ちなみにルナとヨミは俺の後ろに立って待機している。さすがにソファーには座れないと言うので後ろで待機してもらっている。
「それで、話というのは?」
「アウル君は『赫き翼』というグループを知っているかい?」
赫き翼?すごい中二病感溢れる名前だな。
「いえ、知りませんが」
「だよね。じゃあ、聞き方を変えよう。最近迷宮で4人組の冒険者を助けなかったかい?」
確かに助けた。あ、もしかしてあの人たちが赫き翼だったのかな。
「心当たりがあるようだね。その4人組が赫き翼だよ。最年少でAランク冒険者になったグループさ」
「えっと、確かに助けましたけど、その人たちがどうかしたんですか?」
「その人たちがね、アウル君に恩返しがしたいと私のところに来たんだ」
なんでレブラントさんのところに来たんだろう。俺は名前しか教えてないはずなのに。
「なんで私のところに?って顔してるね。実はメンバーに鼻のいい人がいたらしく、君からベーコンの匂いがしたそうだよ。それでベーコンについて調べたら私に行き着いたというわけさ」
そうか、匂いか。たしかにそこまでは気が回らなかった。
「君に会いたいと言っているから会ってあげてくれないかい?ここでAランク冒険者と縁を作っておくのも悪くないと思うよ?」
ふむ、確かに。いずれ俺も冒険者になるつもりだったし、ここでAランク冒険者と仲良くなるのもいいかもしれないな。
「わかりました。よく考えると悪くないかもしれませんね」
「そうか、良かった。じゃあアウル君の都合がいい時に会えるよう予定を立てるけど、いつが大丈夫だい?」
やりたいことはたくさんある。勉強もしたいし、ルナとヨミのレベリングもしたい。・・・メイド服が6日後に出来上がるし、受け取ったあとででいいかな。

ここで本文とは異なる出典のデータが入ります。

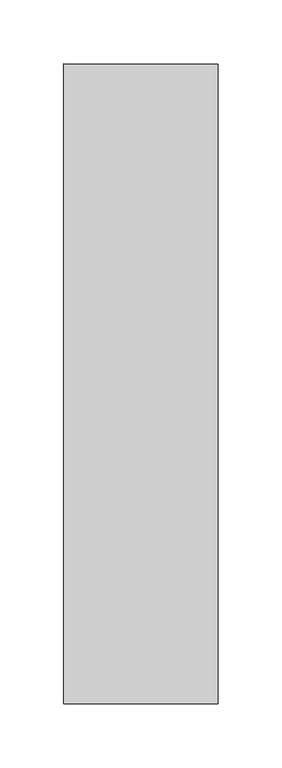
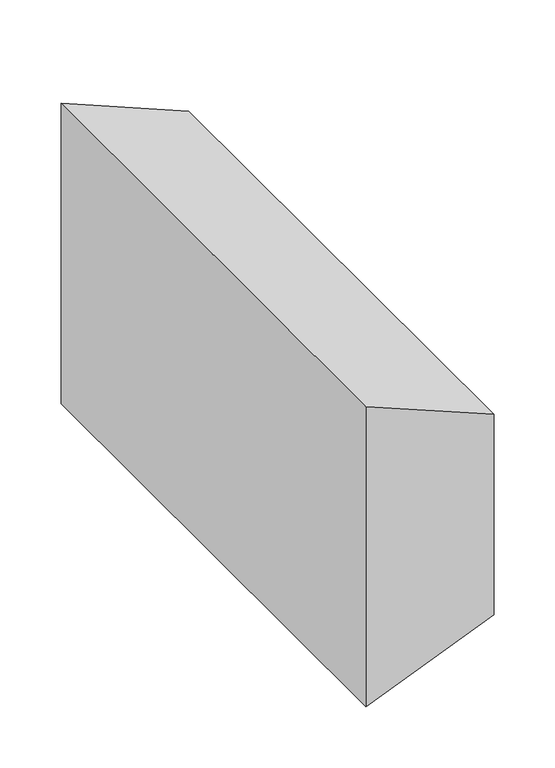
"""IFC4 building model written with IfcOpenShell, lengths in millimetres: duct fitting geometry, M_Transición rectangular - Ángulo : APT_45 graus."""

from ifc_helpers import new_model, si_unit, frame, origin, place, context, project, spatial, polyline, outline, extrude, source, transform, mapped, element, save


def duct_fitting_afa92eea(model_context):
    return source(origin(), model_context, "Body", "SweptSolid", [
        extrude(outline(polyline([(150.0, 0.0), (-150.0, 0.0), (-100.0, 120.7106781), (100.0, 120.7106781), (150.0, 0.0)])), frame((0.0, -250.0, 0.0), z_axis=(0.0, 1.0, 0.0), x_axis=(0.0, 0.0, 1.0)), (0.0, 0.0, 1.0), 500.0),
    ])


if __name__ == "__main__":
    model = new_model("IFC4")
    model_context = context("Model", 3, world=origin())
    ifc_project = project(units=[si_unit("LENGTHUNIT", "METRE", prefix="MILLI")], contexts=[model_context])
    site = spatial("IfcSite", under=ifc_project)
    building = spatial("IfcBuilding", under=site)
    placement = place(None, origin())
    duct_fitting_shape = duct_fitting_afa92eea(model_context)
    element("IfcDuctFitting", 1, ObjectType="M_Transición rectangular - Ángulo : APT_45 graus", at=placement, inside=building, context=model_context, shape_type="MappedRepresentation", body=[
        mapped(duct_fitting_shape, transform((0.0, 0.0, 0.0), x_axis=(1.0, 0.0, 0.0), y_axis=(0.0, 1.0, 0.0), z_axis=(0.0, 0.0, 1.0))),
    ])
    save(model, "model.ifc")

「そうですね、予定がちょっと立て込んでますので、6日後の昼過ぎでもいいですか?」
「わかった。・・・私もその日は大丈夫だ。相手側には私から伝えておくよ」
「あと一つ確認したいことがあるんだが、最近迷宮で変わったことはないかい?」
「変わったことですか?・・・そう言えば、迷宮の16階でレッドオーガが出たんですけど、あの階に出るんですか?」
「レッドオーガだって?!確かそいつは25階層以降に出る魔物のはずだ!」
やっぱりか。あいつだけ強いなとは思ったけど、それだけ下の階層なら強いのも頷けるな。
「とりあえず何かが起こっているかもしれないというのは分かった。私はこのことを赫き翼を通じて冒険者ギルドに報告しておくよ。あ、あと今月分の羽毛代白金貨80枚用意できたから渡しとくね」
「分かりました。それじゃあ、今日のところは俺たちも帰ります。また6日後に来ますね」
お金は数えないで仕舞っちゃったけど、大丈夫だよね
うーん、それにしても何か嫌な予感がする。食料はサギーシ商会から買ったのがまだまだたくさんあるけど、念のためにまた買い込んでおくかな。
夜ご飯は3人で仲良く作っていろいろな料理を教えてあげた。
初めて見る調理方法などに驚きつつも、すごいスピードで習得していく2人は天才なのだろうと思った。
お風呂では昨日以上にサービスされてしまったせいで、危うくのぼせるところだった。
新たに買った家具を部屋に設置してあげて、今日は寝ることにした。
・・・なんとなく不安なので、扉に鍵をかけておいたら案の定夜中にガチャガチャと扉から音が聞こえてくる。
「あれ?おかしいな・・・。昨日は開いてたのに。ご主人様!ヨミです開けてください!」
何か聞こえた気がするが、さすがにまだ早いよね。
俺まだ10歳だよ?じゃあおやすみなさい。
「ご主人様~~!!」
ヨミの声が静かに家の中に響いたのだった。